I was buzzing – and I was still buzzing a couple of hours later – well past my bed-time (as the boys will attest to since I managed to even watch a family film without falling asleep – and that’s pretty much as rare as me riding 20 miles at 20 miles per hour!).

I suspect that, now that I have hit it once, it’ll be one of these things that I start to be able to repeat again and again, at will…. these “glass ceilings” (I really don’t like business speak but it fits the moment so forgive me) tend to be like that, don’t they? – Break them once and never get troubled by them again.

Not that I will be focusing on doing 20/20 efforts very regularly.

Goodness no.

I’ve moved on to other things already!

One of my other targets is to finally succumb to a trend that many cyclists (the ones who tend to have a stable of bikes rather than just one or two) have already fallen into; riding a “fixed-gear” bike.

My target, specifically, is to do a 200km ride on one.

I’ve had a “single-speed” bike for some time, and I have even ridden a 200km ride on it… but with a quick change at the rear of said bike, it becomes a fixed gear bike – and that subtle change makes a huge difference.

In case you have no idea what I am talking about – a single-speed bike is, as the name suggests, a bike with one gear only but where you can stop pedaling and just freewheel whenever you want.
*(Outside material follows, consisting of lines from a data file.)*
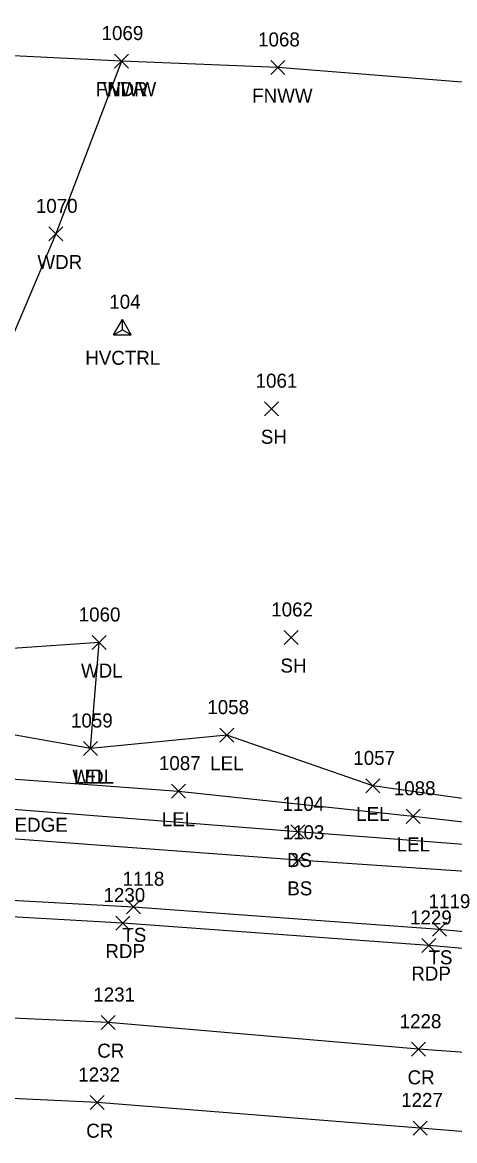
# Model space of a CAD drawing. Extents: x 1629176 to 1637209, y 606063 to 610167.
# Drawn here: x 1629302.4 to 1629364, y 607056.5 to 607215.9 of the extents above; entities that cross this region are included whole.
import ezdxf

# ---------------------------------------------------------------- set-up
doc = ezdxf.new("R2010")
doc.units = 0
for name, color, linetype in [('C_A', 7, 'Continuous'), ('C_C', 7, 'Continuous'), ('C_I', 7, 'Continuous'), ('CPSM', 7, 'Continuous'), ('L_A', 7, 'Continuous'), ('L_I', 7, 'Continuous'), ('L_TIC', 7, 'Continuous'), ('LARO', 7, 'Continuous'), ('LAWA', 7, 'Continuous'), ('LELB', 7, 'Continuous'), ('LFNC', 7, 'Continuous'), ('P_A', 7, 'Continuous'), ('P_I', 7, 'Continuous'), ('P_TIC', 7, 'Continuous'), ('PET', 7, 'Continuous'), ('PRC', 7, 'Continuous')]:
    doc.layers.add(name, color=color, linetype=linetype)

msp = doc.modelspace()

# ---------------------------------------------------------------- linework, layer by layer
at = {"layer": 'CPSM'}
for p, q in [((1629315.4, 607171.35), (1629316.65, 607173.51)), ((1629317.9, 607171.35), (1629316.65, 607173.51)), ((1629316.65, 607172.07), (1629316.65, 607173.51)), ((1629315.4, 607171.35), (1629316.65, 607172.07)), ((1629315.4, 607171.35), (1629317.9, 607171.35)), ((1629316.65, 607172.07), (1629316.65, 607172.07)), ((1629316.65, 607172.07), (1629317.9, 607171.35))]:
    msp.add_line(p, q, dxfattribs=at)
at = {"layer": 'L_TIC'}
for points in [[(1629315.51, 607209.37), (1629317.51, 607211.37)], [(1629317.51, 607209.37), (1629315.51, 607211.37)], [(1629315.51, 607209.37), (1629317.51, 607211.37)], [(1629317.51, 607209.37), (1629315.51, 607211.37)], [(1629337.82, 607208.46), (1629339.82, 607210.46)], [(1629339.82, 607208.46), (1629337.82, 607210.46)], [(1629306.16, 607184.73), (1629308.16, 607186.73)], [(1629308.16, 607184.73), (1629306.16, 607186.73)], [(1629336.9, 607159.81), (1629338.9, 607161.81)], [(1629338.9, 607159.81), (1629336.9, 607161.81)], [(1629312.32, 607126.48), (1629314.32, 607128.48)], [(1629314.32, 607126.48), (1629312.32, 607128.48)], [(1629339.7, 607127.19), (1629341.7, 607129.19)], [(1629341.7, 607127.19), (1629339.7, 607129.19)], [(1629330.53, 607113.27), (1629332.53, 607115.27)], [(1629332.53, 607113.27), (1629330.53, 607115.27)], [(1629311.1, 607111.36), (1629313.1, 607113.36)], [(1629313.1, 607111.36), (1629311.1, 607113.36)], [(1629311.1, 607111.36), (1629313.1, 607113.36)], [(1629313.1, 607111.36), (1629311.1, 607113.36)], [(1629323.64, 607105.29), (1629325.64, 607107.29)], [(1629325.64, 607105.29), (1629323.64, 607107.29)], [(1629351.35, 607106.03), (1629353.35, 607108.03)], [(1629353.35, 607106.03), (1629351.35, 607108.03)], [(1629357.13, 607101.7), (1629359.13, 607103.7)], [(1629359.13, 607101.7), (1629357.13, 607103.7)], [(1629340.68, 607099.48), (1629342.68, 607101.48)], [(1629342.68, 607099.48), (1629340.68, 607101.48)], [(1629340.71, 607095.43), (1629342.71, 607097.43)], [(1629342.71, 607095.43), (1629340.71, 607097.43)], [(1629317.24, 607088.8), (1629319.24, 607090.8)], [(1629319.24, 607088.8), (1629317.24, 607090.8)], [(1629360.89, 607085.6), (1629362.89, 607087.6)], [(1629362.89, 607085.6), (1629360.89, 607087.6)]]:
    msp.add_lwpolyline(points, dxfattribs=at)
at = {"layer": 'LARO'}
msp.add_lwpolyline([(1629525.56, 607097.75), (1629515.16, 607097.62), (1629496.01, 607097.55), (1629454.84, 607100.2), (1629419.24, 607105.4), (1629419.23, 607105.4), (1629378.86, 607107.73), (1629367.09, 607104.98), (1629352.35, 607107.03), (1629331.53, 607114.27), (1629312.1, 607112.36), (1629284.4, 607117.27), (1629264.96, 607112.44), (1629237.03, 607114.71), (1629236.02, 607111.12), (1629264.43, 607110.11), (1629291.77, 607108.71), (1629324.64, 607106.29), (1629358.13, 607102.7), (1629389.76, 607099.17), (1629430.17, 607097.09), (1629468.65, 607094.42), (1629506.63, 607093.09)], dxfattribs=at)
at = {"layer": 'LAWA'}
for points in [[(1629316.51, 607210.37), (1629307.16, 607185.73), (1629298.62, 607165.66), (1629261.38, 607160.41), (1629253.01, 607164.91), (1629257.91, 607184.79), (1629269.2, 607213.11)], [(1629312.1, 607112.36), (1629313.32, 607127.48), (1629283.07, 607125.37), (1629264.34, 607119.92), (1629237.03, 607114.71)]]:
    msp.add_lwpolyline(points, dxfattribs=at)
at = {"layer": 'LELB'}
for points in [[(1629624.92, 607174.61), (1629622.69, 607143.68), (1629611.35, 607114.32), (1629581.53, 607116.51), (1629566.42, 607115.03), (1629550.74, 607095.26), (1629545.75, 607082.85), (1629510.01, 607084.74), (1629471.96, 607087.97), (1629425.24, 607093.21), (1629387.71, 607096.98), (1629341.68, 607100.48), (1629296.79, 607103.99), (1629252.13, 607105.67), (1629240.26, 607107.21), (1629209.02, 607107.58), (1629183.53, 607109.94)], [(1629683.15, 607057.43), (1629646, 607061.54), (1629600.81, 607070.68), (1629551.82, 607076.32), (1629509.64, 607081.4), (1629471.16, 607085.48), (1629425.18, 607090.24), (1629387.34, 607093.37), (1629341.71, 607096.43), (1629295.02, 607099.94), (1629251.22, 607103.28), (1629239.88, 607103.86), (1629208.74, 607106), (1629183.2, 607107.98)], [(1629182.81, 607095.71), (1629228.31, 607094.18), (1629271.2, 607092.37), (1629318.24, 607089.8), (1629361.89, 607086.6), (1629408.03, 607082.19), (1629449.64, 607077.67), (1629495.68, 607072.1), (1629543.77, 607066.01), (1629589.78, 607058.79)]]:
    msp.add_lwpolyline(points, dxfattribs=at)
at = {"layer": 'LFNC'}
msp.add_lwpolyline([(1629584.57, 607180.8), (1629561.91, 607184.66), (1629527.04, 607188.99), (1629501.6, 607191.75), (1629445.35, 607199.37), (1629407.21, 607203.61), (1629374.06, 607206.64), (1629338.82, 607209.46), (1629316.51, 607210.37), (1629282.73, 607212.04), (1629269.2, 607213.11), (1629248.99, 607214.08), (1629210.8, 607215.89), (1629190.17, 607214.66)], dxfattribs=at)
at = {"layer": 'P_TIC'}
for points in [[(1629315.73, 607086.48), (1629317.73, 607088.48)], [(1629317.73, 607086.48), (1629315.73, 607088.48)], [(1629359.37, 607083.28), (1629361.37, 607085.28)], [(1629361.37, 607083.28), (1629359.37, 607085.28)], [(1629313.63, 607072.29), (1629315.63, 607074.29)], [(1629315.63, 607072.29), (1629313.63, 607074.29)], [(1629357.89, 607068.49), (1629359.89, 607070.49)], [(1629359.89, 607068.49), (1629357.89, 607070.49)], [(1629312.06, 607060.88), (1629314.06, 607062.88)], [(1629314.06, 607060.88), (1629312.06, 607062.88)], [(1629358.1, 607057.26), (1629360.1, 607059.26)], [(1629360.1, 607057.26), (1629358.1, 607059.26)]]:
    msp.add_lwpolyline(points, dxfattribs=at)
at = {"layer": 'PET'}
msp.add_lwpolyline([(1630115.59, 606918.47), (1630070.26, 606934.37), (1630047.19, 606942.61), (1630027.81, 606949.5), (1629999.64, 606958.79), (1629963.88, 606969.73), (1629916.37, 606983.66), (1629883.8, 606991.87), (1629841.7, 607003.38), (1629794.53, 607014.94), (1629751.13, 607024.85), (1629703.98, 607035.26), (1629666.74, 607043.02), (1629621.43, 607051.04), (1629588.28, 607056.93), (1629542.89, 607063.67), (1629493.94, 607070.34), (1629447.94, 607075.86), (1629406.53, 607080.22), (1629360.37, 607084.28), (1629316.73, 607087.48), (1629269.81, 607090.12), (1629227.29, 607092.24), (1629182.92, 607093.47)], dxfattribs=at)
at = {"layer": 'PRC'}
for points in [[(1630110.18, 606905.77), (1630065.36, 606921.68), (1630022.36, 606935.68), (1629994.71, 606945.36), (1629959.54, 606955.86), (1629913.54, 606969.37), (1629877.41, 606979.26), (1629837.69, 606989.99), (1629791.63, 607000.82), (1629746.42, 607011.44), (1629699.59, 607021.37), (1629664.04, 607028.34), (1629619.43, 607036.79), (1629585.72, 607042.18), (1629539.96, 607049.3), (1629491.45, 607056.02), (1629445.88, 607061.28), (1629404.36, 607066.23), (1629358.89, 607069.49), (1629314.63, 607073.29), (1629269.37, 607075.36), (1629226.58, 607077.32), (1629182.35, 607078.58)], [(1630105.99, 606894.95), (1630061.18, 606910.94), (1630017.61, 606925.74), (1629991.01, 606934.32), (1629955.3, 606944.84), (1629910.77, 606959.12), (1629874.52, 606969.06), (1629834.93, 606979.4), (1629788.74, 606990.13), (1629743.3, 607000.68), (1629697.98, 607010.33), (1629662.17, 607017.56), (1629618.2, 607025.81), (1629583.59, 607031.56), (1629540.4, 607037.95), (1629489.63, 607045.02), (1629444.26, 607050.14), (1629402.79, 607054.66), (1629359.1, 607058.26), (1629313.06, 607061.88), (1629268.47, 607063.97), (1629226.23, 607065.89), (1629182.22, 607066.96)]]:
    msp.add_lwpolyline(points, dxfattribs=at)

# ---------------------------------------------------------------- texts
at = {"layer": 'C_A'}
msp.add_text('HVCTRL', height=2, dxfattribs=at).set_placement((1629311.35, 607167.07))
at = {"layer": 'C_C'}
msp.add_text('TIE DIST IS 29.685 IS NAIL IN LEDGE', height=2, dxfattribs=at).set_placement((1629262.48, 607100.49))
at = {"layer": 'C_I'}
msp.add_text('104', height=2, dxfattribs=at).set_placement((1629314.78, 607175.07))
at = {"layer": 'L_A'}
for s, p in [('FNWW', (1629312.85, 607205.37)), ('WDR', (1629313.87, 607205.37)), ('FNWW', (1629335.16, 607204.46)), ('WDR', (1629304.53, 607180.73)), ('SH', (1629336.39, 607155.81)), ('WDL', (1629310.74, 607122.48)), ('SH', (1629339.19, 607123.19)), ('LEL', (1629329.17, 607109.27)), ('WDL', (1629309.52, 607107.36)), ('LEL', (1629309.74, 607107.36)), ('LEL', (1629349.99, 607102.03)), ('LEL', (1629322.27, 607101.29)), ('LEL', (1629355.76, 607097.7)), ('BS', (1629340.12, 607095.48)), ('BS', (1629340.16, 607091.43)), ('TS', (1629316.65, 607084.8)), ('TS', (1629360.3, 607081.6))]:
    msp.add_text(s, height=2, dxfattribs=at).set_placement(p)
at = {"layer": 'L_I'}
for s, p in [('1069', (1629313.68, 607213.37)), ('1069', (1629313.68, 607213.37)), ('1068', (1629336, 607212.46)), ('1070', (1629304.31, 607188.73)), ('1061', (1629335.65, 607163.81)), ('1060', (1629310.42, 607130.48)), ('1062', (1629337.88, 607131.19)), ('1058', (1629328.76, 607117.27)), ('1059', (1629309.32, 607115.36)), ('1059', (1629309.32, 607115.36)), ('1057', (1629349.58, 607110.03)), ('1087', (1629321.86, 607109.29)), ('1088', (1629355.35, 607105.7)), ('1104', (1629339.47, 607103.48)), ('1103', (1629339.51, 607099.43)), ('1118', (1629316.68, 607092.8)), ('1119', (1629360.32, 607089.6))]:
    msp.add_text(s, height=2, dxfattribs=at).set_placement(p)
at = {"layer": 'P_A'}
for s, p in [('RDP', (1629314.22, 607082.48)), ('RDP', (1629357.85, 607079.28)), ('CR', (1629313.06, 607068.29)), ('CR', (1629357.32, 607064.49)), ('CR', (1629311.49, 607056.88))]:
    msp.add_text(s, height=2, dxfattribs=at).set_placement(p)
at = {"layer": 'P_I'}
for s, p in [('1230', (1629313.95, 607090.48)), ('1229', (1629357.67, 607087.28)), ('1231', (1629312.5, 607076.29)), ('1228', (1629356.19, 607072.49)), ('1232', (1629310.36, 607064.88)), ('1227', (1629356.4, 607061.26))]:
    msp.add_text(s, height=2, dxfattribs=at).set_placement(p)

doc.saveas('drawing.dxf')

A fixed-gear bike also has one gear but there’s no freewheeling – no siree – if the back wheel is moving, so are the pedals… and so are your legs (assuming, like me, your feet are clipped in to your pedals). If you try to stop pedaling when the bike is moving, the bike performs a leg removal operation on you, no anaesthetic, and spits you into a hedge… it’s really very simple.

So, unless you particularly want your leg removed, a fixed-gear bike involves a wholly different style of riding a bike.

Targetting a 200km ride on one, then, not only means knowing that I will be riding that distance without changing gear once (which I have done before), it also means that I won’t be able to stop my legs turning round at all for, say, up to 8 hours of cycling (which I clearly haven’t done before).

I went out on my “fixie” yesterday – just for a shake-down spin of 12 miles or so… to see how that felt and, honestly, it felt okay.

Some seasoned fixie riders have warned me of the pitfalls to be encountered when you are riding along but I didn’t really experience any of those – my biggest gripe with it was how awkward it felt getting started from a stationary position, truth be told.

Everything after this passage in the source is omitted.